WORK TO BE COMPLETED: Each entry is to be given again exactly; drop the images.

RECORDS TO USE:
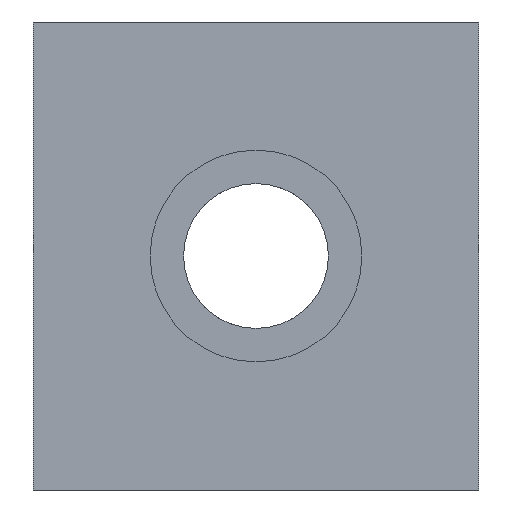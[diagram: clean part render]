
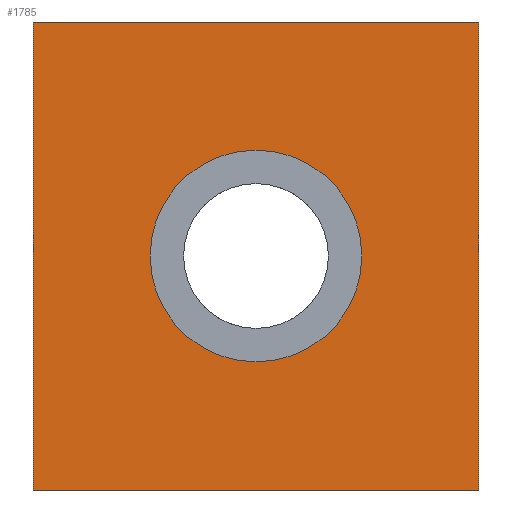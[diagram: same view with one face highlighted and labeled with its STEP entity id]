
A CAD part, front view. The second image highlights one B-rep face of the part: STEP entity #1785.
In plain terms, the highlighted planar face has unit normal (0, -1, 0).
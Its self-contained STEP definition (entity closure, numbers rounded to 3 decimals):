
#1=DIRECTION('',(1.,0.,0.));
#2=VECTOR('',#1,40.);
#3=CARTESIAN_POINT('',(0.,0.,0.));
#4=LINE('',#3,#2);
#37=DIRECTION('',(0.,0.,1.));
#38=VECTOR('',#37,42.);
#39=CARTESIAN_POINT('',(0.,0.,0.));
#40=LINE('',#39,#38);
#41=CARTESIAN_POINT('',(20.,0.,21.));
#42=DIRECTION('',(0.,-1.,0.));
#43=DIRECTION('',(-1.,0.,0.));
#44=AXIS2_PLACEMENT_3D('',#41,#42,#43);
#46=CARTESIAN_POINT('',(20.,0.,21.));
#47=DIRECTION('',(0.,-1.,0.));
#48=DIRECTION('',(1.,0.,0.));
#49=AXIS2_PLACEMENT_3D('',#46,#47,#48);
#495=DIRECTION('',(0.,0.,1.));
#496=VECTOR('',#495,42.);
#497=CARTESIAN_POINT('',(40.,0.,0.));
#498=LINE('',#497,#496);
#1169=DIRECTION('',(1.,0.,0.));
#1170=VECTOR('',#1169,40.);
#1171=CARTESIAN_POINT('',(0.,0.,42.));
#1172=LINE('',#1171,#1170);
#1335=CARTESIAN_POINT('',(0.,0.,0.));
#1336=CARTESIAN_POINT('',(40.,0.,0.));
#1337=VERTEX_POINT('',#1335);
#1338=VERTEX_POINT('',#1336);
#1343=CARTESIAN_POINT('',(0.,0.,42.));
#1344=CARTESIAN_POINT('',(40.,0.,42.));
#1345=VERTEX_POINT('',#1343);
#1346=VERTEX_POINT('',#1344);
#1369=CARTESIAN_POINT('',(10.5,0.,21.));
#1370=CARTESIAN_POINT('',(29.5,0.,21.));
#1371=VERTEX_POINT('',#1369);
#1372=VERTEX_POINT('',#1370);
#1765=CARTESIAN_POINT('',(0.,0.,0.));
#1766=DIRECTION('',(0.,-1.,0.));
#1767=DIRECTION('',(1.,0.,0.));
#1768=AXIS2_PLACEMENT_3D('',#1765,#1766,#1767);
#1769=PLANE('',#1768);
#1770=ORIENTED_EDGE('',*,*,#1742,.F.);
#1772=ORIENTED_EDGE('',*,*,#1771,.T.);
#1774=ORIENTED_EDGE('',*,*,#1773,.T.);
#1776=ORIENTED_EDGE('',*,*,#1775,.F.);
#1777=EDGE_LOOP('',(#1770,#1772,#1774,#1776));
#1778=FACE_OUTER_BOUND('',#1777,.F.);
#1780=ORIENTED_EDGE('',*,*,#1779,.T.);
#1782=ORIENTED_EDGE('',*,*,#1781,.T.);
#1783=EDGE_LOOP('',(#1780,#1782));
#1784=FACE_BOUND('',#1783,.F.);
#1785=ADVANCED_FACE('',(#1778,#1784),#1769,.T.);
#45=CIRCLE('',#44,9.5);
#50=CIRCLE('',#49,9.5);
#1742=EDGE_CURVE('',#1337,#1338,#4,.T.);
#1771=EDGE_CURVE('',#1337,#1345,#40,.T.);
#1773=EDGE_CURVE('',#1345,#1346,#1172,.T.);
#1775=EDGE_CURVE('',#1338,#1346,#498,.T.);
#1779=EDGE_CURVE('',#1371,#1372,#45,.T.);
#1781=EDGE_CURVE('',#1372,#1371,#50,.T.);

EXPECTED ANSWER:
[diagram: clean part render]
[diagram: same view with one face highlighted and labeled with its STEP entity id]
A CAD part, front view. The second image highlights one B-rep face of the part: STEP entity #1785.
In plain terms, the highlighted planar face has unit normal (0, -1, 0).
Its self-contained STEP definition (entity closure, numbers rounded to 3 decimals):
#1=DIRECTION('',(1.,0.,0.));
#2=VECTOR('',#1,40.);
#3=CARTESIAN_POINT('',(0.,0.,0.));
#4=LINE('',#3,#2);
#37=DIRECTION('',(0.,0.,1.));
#38=VECTOR('',#37,42.);
#39=CARTESIAN_POINT('',(0.,0.,0.));
#40=LINE('',#39,#38);
#41=CARTESIAN_POINT('',(20.,0.,21.));
#42=DIRECTION('',(0.,-1.,0.));
#43=DIRECTION('',(-1.,0.,0.));
#44=AXIS2_PLACEMENT_3D('',#41,#42,#43);
#46=CARTESIAN_POINT('',(20.,0.,21.));
#47=DIRECTION('',(0.,-1.,0.));
#48=DIRECTION('',(1.,0.,0.));
#49=AXIS2_PLACEMENT_3D('',#46,#47,#48);
#495=DIRECTION('',(0.,0.,1.));
#496=VECTOR('',#495,42.);
#497=CARTESIAN_POINT('',(40.,0.,0.));
#498=LINE('',#497,#496);
#1169=DIRECTION('',(1.,0.,0.));
#1170=VECTOR('',#1169,40.);
#1171=CARTESIAN_POINT('',(0.,0.,42.));
#1172=LINE('',#1171,#1170);
#1335=CARTESIAN_POINT('',(0.,0.,0.));
#1336=CARTESIAN_POINT('',(40.,0.,0.));
#1337=VERTEX_POINT('',#1335);
#1338=VERTEX_POINT('',#1336);
#1343=CARTESIAN_POINT('',(0.,0.,42.));
#1344=CARTESIAN_POINT('',(40.,0.,42.));
#1345=VERTEX_POINT('',#1343);
#1346=VERTEX_POINT('',#1344);
#1369=CARTESIAN_POINT('',(10.5,0.,21.));
#1370=CARTESIAN_POINT('',(29.5,0.,21.));
#1371=VERTEX_POINT('',#1369);
#1372=VERTEX_POINT('',#1370);
#1765=CARTESIAN_POINT('',(0.,0.,0.));
#1766=DIRECTION('',(0.,-1.,0.));
#1767=DIRECTION('',(1.,0.,0.));
#1768=AXIS2_PLACEMENT_3D('',#1765,#1766,#1767);
#1769=PLANE('',#1768);
#1770=ORIENTED_EDGE('',*,*,#1742,.F.);
#1772=ORIENTED_EDGE('',*,*,#1771,.T.);
#1774=ORIENTED_EDGE('',*,*,#1773,.T.);
#1776=ORIENTED_EDGE('',*,*,#1775,.F.);
#1777=EDGE_LOOP('',(#1770,#1772,#1774,#1776));
#1778=FACE_OUTER_BOUND('',#1777,.F.);
#1780=ORIENTED_EDGE('',*,*,#1779,.T.);
#1782=ORIENTED_EDGE('',*,*,#1781,.T.);
#1783=EDGE_LOOP('',(#1780,#1782));
#1784=FACE_BOUND('',#1783,.F.);
#1785=ADVANCED_FACE('',(#1778,#1784),#1769,.T.);
#45=CIRCLE('',#44,9.5);
#50=CIRCLE('',#49,9.5);
#1742=EDGE_CURVE('',#1337,#1338,#4,.T.);
#1771=EDGE_CURVE('',#1337,#1345,#40,.T.);
#1773=EDGE_CURVE('',#1345,#1346,#1172,.T.);
#1775=EDGE_CURVE('',#1338,#1346,#498,.T.);
#1779=EDGE_CURVE('',#1371,#1372,#45,.T.);
#1781=EDGE_CURVE('',#1372,#1371,#50,.T.);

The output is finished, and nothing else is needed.